WHAT YOU ARE ASKED TO DO - Once "#53355 = FACE_OUTER_BOUND" turns up in a line below, reproduce that line and those after it exactly, stopping after the line with "Bounding box: 868.1"; leave pictures out.

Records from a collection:
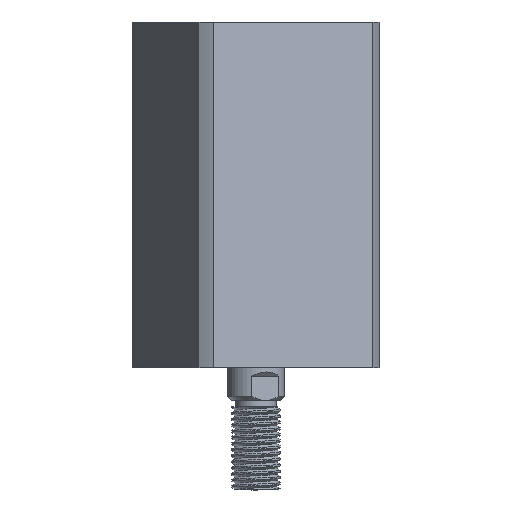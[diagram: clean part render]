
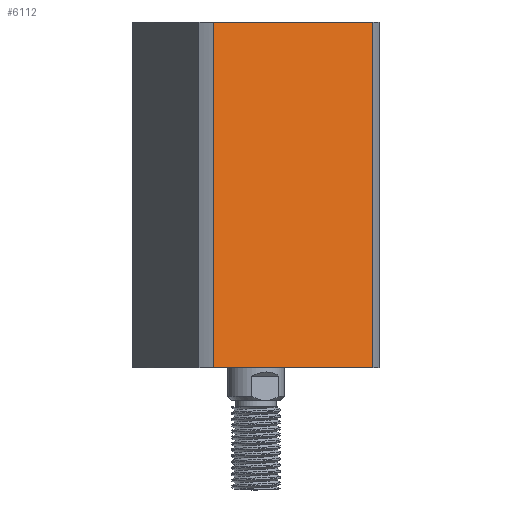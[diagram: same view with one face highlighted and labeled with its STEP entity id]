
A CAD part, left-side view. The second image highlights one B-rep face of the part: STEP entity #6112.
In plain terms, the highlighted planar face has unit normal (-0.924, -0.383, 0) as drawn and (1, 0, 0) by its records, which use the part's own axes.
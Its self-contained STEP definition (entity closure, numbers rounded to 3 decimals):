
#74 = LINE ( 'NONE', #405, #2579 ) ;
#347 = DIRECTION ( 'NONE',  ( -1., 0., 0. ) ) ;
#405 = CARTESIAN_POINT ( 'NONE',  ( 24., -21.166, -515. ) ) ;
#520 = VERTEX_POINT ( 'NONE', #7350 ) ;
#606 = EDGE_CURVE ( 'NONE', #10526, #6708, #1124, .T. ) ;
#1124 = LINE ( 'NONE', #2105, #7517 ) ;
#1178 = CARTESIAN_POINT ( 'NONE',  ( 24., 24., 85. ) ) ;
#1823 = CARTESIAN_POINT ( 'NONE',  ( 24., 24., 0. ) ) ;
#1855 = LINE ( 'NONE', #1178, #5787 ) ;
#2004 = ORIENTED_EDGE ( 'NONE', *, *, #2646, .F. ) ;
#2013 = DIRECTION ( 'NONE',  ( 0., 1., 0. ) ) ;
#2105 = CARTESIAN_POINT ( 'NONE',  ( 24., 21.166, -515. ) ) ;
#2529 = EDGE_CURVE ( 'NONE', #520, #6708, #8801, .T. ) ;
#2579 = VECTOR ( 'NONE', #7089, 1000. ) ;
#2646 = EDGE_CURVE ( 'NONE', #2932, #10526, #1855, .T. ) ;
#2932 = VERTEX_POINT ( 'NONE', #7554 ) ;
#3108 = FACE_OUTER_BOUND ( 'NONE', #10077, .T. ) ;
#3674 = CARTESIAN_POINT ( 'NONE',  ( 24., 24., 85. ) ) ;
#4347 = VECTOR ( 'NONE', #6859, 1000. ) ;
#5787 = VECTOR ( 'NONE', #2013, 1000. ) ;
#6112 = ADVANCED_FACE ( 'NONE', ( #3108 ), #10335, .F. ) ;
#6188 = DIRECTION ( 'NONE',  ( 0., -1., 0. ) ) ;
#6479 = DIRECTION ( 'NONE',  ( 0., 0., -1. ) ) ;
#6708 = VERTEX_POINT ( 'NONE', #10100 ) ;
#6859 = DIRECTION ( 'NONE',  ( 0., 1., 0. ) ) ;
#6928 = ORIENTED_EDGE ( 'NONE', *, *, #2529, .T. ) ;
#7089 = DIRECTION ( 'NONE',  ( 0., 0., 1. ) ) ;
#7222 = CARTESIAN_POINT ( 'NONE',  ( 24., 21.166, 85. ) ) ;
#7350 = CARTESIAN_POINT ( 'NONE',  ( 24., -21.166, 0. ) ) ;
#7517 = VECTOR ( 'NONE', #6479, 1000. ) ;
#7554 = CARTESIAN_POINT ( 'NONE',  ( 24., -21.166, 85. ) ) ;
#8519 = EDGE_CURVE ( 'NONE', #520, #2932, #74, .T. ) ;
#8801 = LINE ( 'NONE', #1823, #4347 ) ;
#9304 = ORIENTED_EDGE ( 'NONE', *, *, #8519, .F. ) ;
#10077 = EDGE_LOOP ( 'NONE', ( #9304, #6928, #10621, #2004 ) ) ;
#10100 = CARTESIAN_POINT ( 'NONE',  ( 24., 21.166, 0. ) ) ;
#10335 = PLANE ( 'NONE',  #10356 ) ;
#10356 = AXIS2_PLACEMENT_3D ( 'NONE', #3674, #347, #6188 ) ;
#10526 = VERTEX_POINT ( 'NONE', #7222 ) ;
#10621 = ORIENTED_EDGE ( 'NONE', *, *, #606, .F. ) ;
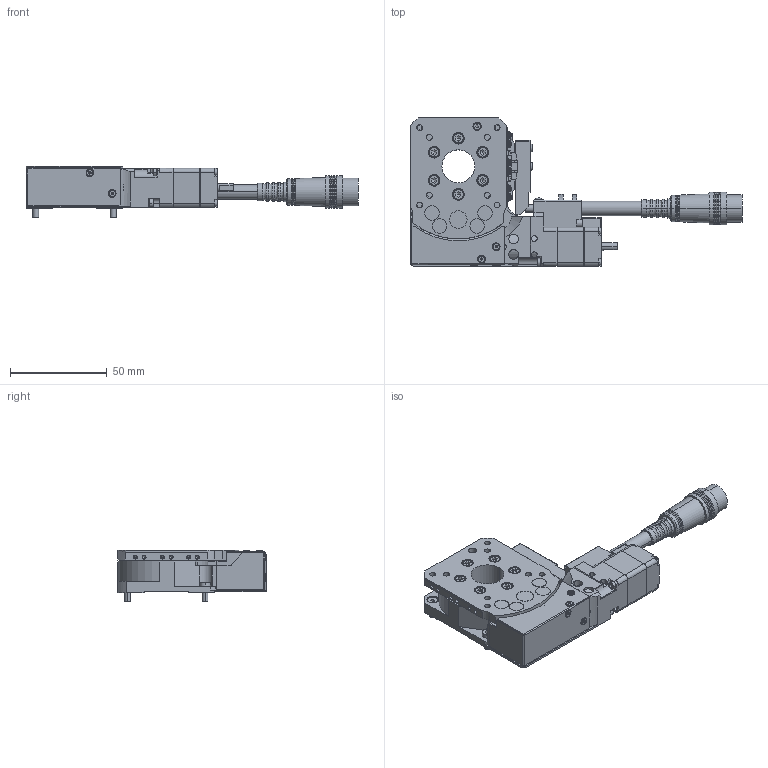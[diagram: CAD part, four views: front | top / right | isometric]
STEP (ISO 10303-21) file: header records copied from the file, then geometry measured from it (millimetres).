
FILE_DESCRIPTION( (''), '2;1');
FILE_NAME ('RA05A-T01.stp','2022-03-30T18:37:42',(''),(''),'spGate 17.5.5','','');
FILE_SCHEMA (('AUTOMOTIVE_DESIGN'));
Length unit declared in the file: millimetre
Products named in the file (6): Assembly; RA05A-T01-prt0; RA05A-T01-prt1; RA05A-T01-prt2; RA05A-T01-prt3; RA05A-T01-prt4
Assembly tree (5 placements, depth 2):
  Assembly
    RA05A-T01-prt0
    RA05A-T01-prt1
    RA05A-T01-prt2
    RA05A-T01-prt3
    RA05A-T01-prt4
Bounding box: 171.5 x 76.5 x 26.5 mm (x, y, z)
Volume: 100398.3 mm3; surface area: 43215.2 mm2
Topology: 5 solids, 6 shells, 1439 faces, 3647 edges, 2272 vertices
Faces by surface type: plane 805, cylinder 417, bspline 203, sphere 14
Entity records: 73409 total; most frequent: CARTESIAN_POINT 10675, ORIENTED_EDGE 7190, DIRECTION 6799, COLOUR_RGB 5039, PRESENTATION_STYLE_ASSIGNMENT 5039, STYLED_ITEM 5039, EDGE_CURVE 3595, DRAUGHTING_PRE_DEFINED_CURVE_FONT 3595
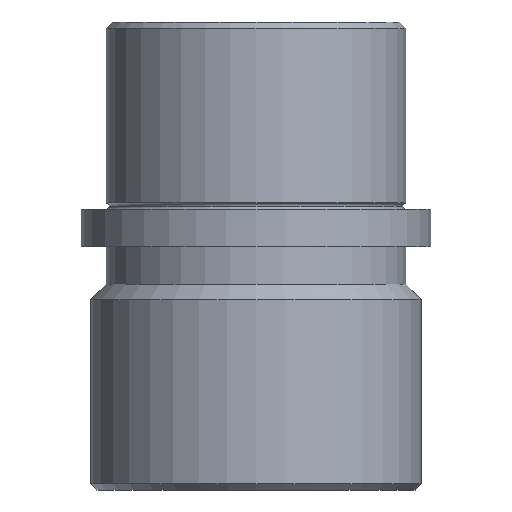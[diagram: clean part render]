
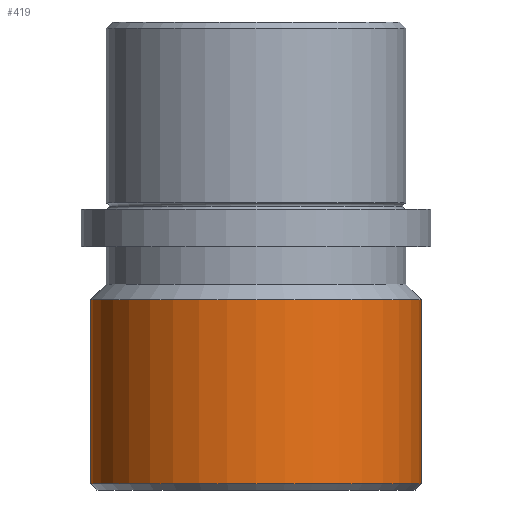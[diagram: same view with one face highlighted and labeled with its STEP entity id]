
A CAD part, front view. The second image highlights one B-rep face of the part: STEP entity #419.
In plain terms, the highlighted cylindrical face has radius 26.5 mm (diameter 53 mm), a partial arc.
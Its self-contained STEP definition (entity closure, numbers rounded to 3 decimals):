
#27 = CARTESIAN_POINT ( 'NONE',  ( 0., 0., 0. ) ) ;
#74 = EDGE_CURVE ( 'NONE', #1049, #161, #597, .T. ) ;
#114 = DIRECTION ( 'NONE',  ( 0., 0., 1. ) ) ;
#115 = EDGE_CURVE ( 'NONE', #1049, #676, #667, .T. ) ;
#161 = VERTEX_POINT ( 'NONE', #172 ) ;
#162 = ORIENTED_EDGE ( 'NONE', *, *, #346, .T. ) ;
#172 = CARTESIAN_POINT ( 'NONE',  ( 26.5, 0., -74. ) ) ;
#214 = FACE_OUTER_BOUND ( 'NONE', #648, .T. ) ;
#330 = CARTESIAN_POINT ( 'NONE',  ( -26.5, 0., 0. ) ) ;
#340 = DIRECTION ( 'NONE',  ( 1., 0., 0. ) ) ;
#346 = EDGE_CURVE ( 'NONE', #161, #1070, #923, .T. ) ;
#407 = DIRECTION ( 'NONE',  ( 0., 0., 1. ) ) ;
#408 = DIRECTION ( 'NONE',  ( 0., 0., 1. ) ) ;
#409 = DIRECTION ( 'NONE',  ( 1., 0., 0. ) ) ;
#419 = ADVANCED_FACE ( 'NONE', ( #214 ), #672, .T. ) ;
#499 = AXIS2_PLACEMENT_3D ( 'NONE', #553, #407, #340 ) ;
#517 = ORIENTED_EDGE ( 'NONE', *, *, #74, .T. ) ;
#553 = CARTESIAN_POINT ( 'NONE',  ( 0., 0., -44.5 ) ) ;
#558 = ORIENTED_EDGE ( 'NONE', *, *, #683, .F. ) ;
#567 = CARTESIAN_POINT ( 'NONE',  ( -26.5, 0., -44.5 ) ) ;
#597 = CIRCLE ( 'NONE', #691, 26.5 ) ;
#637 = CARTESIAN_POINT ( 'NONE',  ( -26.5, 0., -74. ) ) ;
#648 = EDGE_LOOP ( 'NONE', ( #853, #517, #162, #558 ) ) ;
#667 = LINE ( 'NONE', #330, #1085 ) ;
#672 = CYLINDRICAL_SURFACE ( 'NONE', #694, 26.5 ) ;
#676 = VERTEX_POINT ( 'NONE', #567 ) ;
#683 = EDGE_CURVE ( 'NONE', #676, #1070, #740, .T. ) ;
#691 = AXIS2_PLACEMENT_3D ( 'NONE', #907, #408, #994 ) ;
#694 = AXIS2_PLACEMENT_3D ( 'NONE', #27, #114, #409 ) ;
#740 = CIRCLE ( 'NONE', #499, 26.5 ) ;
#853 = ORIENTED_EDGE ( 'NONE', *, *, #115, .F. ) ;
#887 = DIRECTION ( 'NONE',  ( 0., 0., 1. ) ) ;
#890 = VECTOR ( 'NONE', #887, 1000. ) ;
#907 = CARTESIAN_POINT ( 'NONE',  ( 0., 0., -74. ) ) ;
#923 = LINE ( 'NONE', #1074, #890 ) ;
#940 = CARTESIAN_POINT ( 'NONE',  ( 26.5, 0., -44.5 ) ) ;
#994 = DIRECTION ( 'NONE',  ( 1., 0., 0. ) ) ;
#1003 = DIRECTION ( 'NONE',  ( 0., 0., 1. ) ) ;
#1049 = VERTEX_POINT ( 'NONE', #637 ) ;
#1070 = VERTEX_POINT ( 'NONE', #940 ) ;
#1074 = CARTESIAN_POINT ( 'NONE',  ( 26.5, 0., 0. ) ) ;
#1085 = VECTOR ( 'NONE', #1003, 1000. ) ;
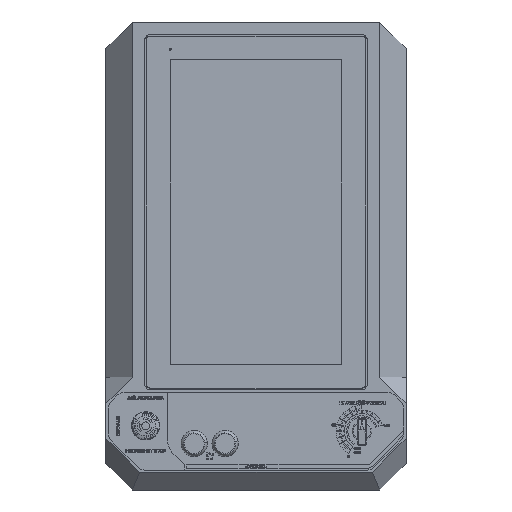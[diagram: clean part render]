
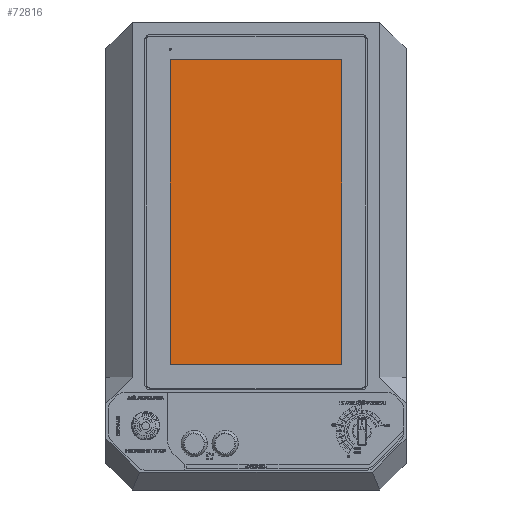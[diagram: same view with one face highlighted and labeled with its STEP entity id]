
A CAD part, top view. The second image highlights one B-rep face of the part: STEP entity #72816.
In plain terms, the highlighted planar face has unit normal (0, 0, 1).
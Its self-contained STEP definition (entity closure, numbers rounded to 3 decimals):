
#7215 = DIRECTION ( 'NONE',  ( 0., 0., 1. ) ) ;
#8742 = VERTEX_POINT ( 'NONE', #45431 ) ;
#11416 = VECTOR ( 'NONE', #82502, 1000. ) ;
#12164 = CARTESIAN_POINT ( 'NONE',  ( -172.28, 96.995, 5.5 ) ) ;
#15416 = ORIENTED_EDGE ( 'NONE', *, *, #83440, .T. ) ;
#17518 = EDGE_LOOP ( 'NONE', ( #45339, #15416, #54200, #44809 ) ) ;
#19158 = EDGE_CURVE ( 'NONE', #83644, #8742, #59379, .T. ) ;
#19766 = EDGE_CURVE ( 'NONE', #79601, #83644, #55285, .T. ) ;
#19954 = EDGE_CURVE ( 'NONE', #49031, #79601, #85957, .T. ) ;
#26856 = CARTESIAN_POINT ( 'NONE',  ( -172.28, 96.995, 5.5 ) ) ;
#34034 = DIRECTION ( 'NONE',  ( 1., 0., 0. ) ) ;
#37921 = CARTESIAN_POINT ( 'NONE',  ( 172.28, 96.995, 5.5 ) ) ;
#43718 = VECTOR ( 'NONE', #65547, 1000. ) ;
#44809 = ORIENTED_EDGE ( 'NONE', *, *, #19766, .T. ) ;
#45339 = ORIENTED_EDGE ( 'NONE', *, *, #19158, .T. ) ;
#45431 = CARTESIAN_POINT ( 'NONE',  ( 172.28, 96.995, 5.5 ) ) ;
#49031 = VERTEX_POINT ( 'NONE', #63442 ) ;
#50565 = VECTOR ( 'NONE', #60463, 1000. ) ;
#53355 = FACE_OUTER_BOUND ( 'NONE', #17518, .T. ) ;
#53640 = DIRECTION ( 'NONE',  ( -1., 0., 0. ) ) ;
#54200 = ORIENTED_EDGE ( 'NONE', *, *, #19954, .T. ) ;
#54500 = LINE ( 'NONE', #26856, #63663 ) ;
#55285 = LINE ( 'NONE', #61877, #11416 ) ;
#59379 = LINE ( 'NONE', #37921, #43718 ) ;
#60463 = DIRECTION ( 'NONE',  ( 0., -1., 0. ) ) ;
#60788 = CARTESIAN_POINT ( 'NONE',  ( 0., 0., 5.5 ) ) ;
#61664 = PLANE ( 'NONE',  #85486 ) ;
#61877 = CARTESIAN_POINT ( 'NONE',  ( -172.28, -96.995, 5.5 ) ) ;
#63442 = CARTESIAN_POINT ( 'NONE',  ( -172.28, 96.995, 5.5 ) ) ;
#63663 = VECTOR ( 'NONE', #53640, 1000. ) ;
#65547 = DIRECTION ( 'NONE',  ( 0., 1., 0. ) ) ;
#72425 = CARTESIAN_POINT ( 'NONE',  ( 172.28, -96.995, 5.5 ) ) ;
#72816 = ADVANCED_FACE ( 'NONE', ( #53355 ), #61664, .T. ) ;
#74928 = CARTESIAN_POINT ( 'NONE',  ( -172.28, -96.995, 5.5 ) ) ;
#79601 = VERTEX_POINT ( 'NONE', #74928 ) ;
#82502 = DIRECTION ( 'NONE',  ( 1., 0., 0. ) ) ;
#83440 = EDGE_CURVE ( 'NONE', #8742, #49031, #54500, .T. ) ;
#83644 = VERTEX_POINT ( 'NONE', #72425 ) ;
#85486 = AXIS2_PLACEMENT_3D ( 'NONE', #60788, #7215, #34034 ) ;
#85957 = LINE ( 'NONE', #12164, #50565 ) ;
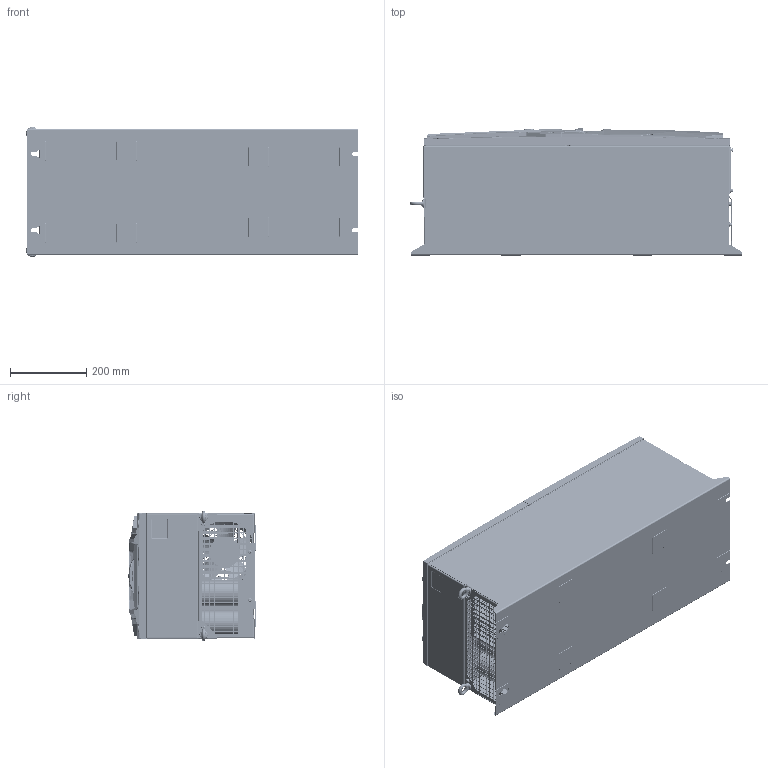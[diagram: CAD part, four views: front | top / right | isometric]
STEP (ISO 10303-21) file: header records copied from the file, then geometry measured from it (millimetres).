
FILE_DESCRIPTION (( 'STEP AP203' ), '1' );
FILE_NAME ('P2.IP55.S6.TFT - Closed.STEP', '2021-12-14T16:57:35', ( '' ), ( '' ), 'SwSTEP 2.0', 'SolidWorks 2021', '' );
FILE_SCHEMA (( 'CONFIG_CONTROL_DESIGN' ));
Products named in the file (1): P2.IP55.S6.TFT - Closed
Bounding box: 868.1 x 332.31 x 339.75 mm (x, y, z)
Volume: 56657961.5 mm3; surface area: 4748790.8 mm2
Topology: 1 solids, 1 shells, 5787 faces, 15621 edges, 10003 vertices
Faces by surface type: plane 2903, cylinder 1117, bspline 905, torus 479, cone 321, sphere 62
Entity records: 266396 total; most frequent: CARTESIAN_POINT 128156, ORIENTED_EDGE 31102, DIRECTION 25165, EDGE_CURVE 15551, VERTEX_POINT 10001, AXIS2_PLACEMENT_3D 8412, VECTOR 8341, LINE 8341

ANSWER TO THIS TASK -
#53355 = FACE_OUTER_BOUND ( 'NONE', #17518, .T. ) ;
#53640 = DIRECTION ( 'NONE',  ( -1., 0., 0. ) ) ;
#54200 = ORIENTED_EDGE ( 'NONE', *, *, #19954, .T. ) ;
#54500 = LINE ( 'NONE', #26856, #63663 ) ;
#55285 = LINE ( 'NONE', #61877, #11416 ) ;
#59379 = LINE ( 'NONE', #37921, #43718 ) ;
#60463 = DIRECTION ( 'NONE',  ( 0., -1., 0. ) ) ;
#60788 = CARTESIAN_POINT ( 'NONE',  ( 0., 0., 5.5 ) ) ;
#61664 = PLANE ( 'NONE',  #85486 ) ;
#61877 = CARTESIAN_POINT ( 'NONE',  ( -172.28, -96.995, 5.5 ) ) ;
#63442 = CARTESIAN_POINT ( 'NONE',  ( -172.28, 96.995, 5.5 ) ) ;
#63663 = VECTOR ( 'NONE', #53640, 1000. ) ;
#65547 = DIRECTION ( 'NONE',  ( 0., 1., 0. ) ) ;
#72425 = CARTESIAN_POINT ( 'NONE',  ( 172.28, -96.995, 5.5 ) ) ;
#72816 = ADVANCED_FACE ( 'NONE', ( #53355 ), #61664, .T. ) ;
#74928 = CARTESIAN_POINT ( 'NONE',  ( -172.28, -96.995, 5.5 ) ) ;
#79601 = VERTEX_POINT ( 'NONE', #74928 ) ;
#82502 = DIRECTION ( 'NONE',  ( 1., 0., 0. ) ) ;
#83440 = EDGE_CURVE ( 'NONE', #8742, #49031, #54500, .T. ) ;
#83644 = VERTEX_POINT ( 'NONE', #72425 ) ;
#85486 = AXIS2_PLACEMENT_3D ( 'NONE', #60788, #7215, #34034 ) ;
#85957 = LINE ( 'NONE', #12164, #50565 ) ;
[diagram: CAD part, four views: front | top / right | isometric]
STEP (ISO 10303-21) file: header records copied from the file, then geometry measured from it (millimetres).
FILE_DESCRIPTION (( 'STEP AP203' ), '1' );
FILE_NAME ('P2.IP55.S6.TFT - Closed.STEP', '2021-12-14T16:57:35', ( '' ), ( '' ), 'SwSTEP 2.0', 'SolidWorks 2021', '' );
FILE_SCHEMA (( 'CONFIG_CONTROL_DESIGN' ));
Products named in the file (1): P2.IP55.S6.TFT - Closed
Bounding box: 868.1 x 332.31 x 339.75 mm (x, y, z)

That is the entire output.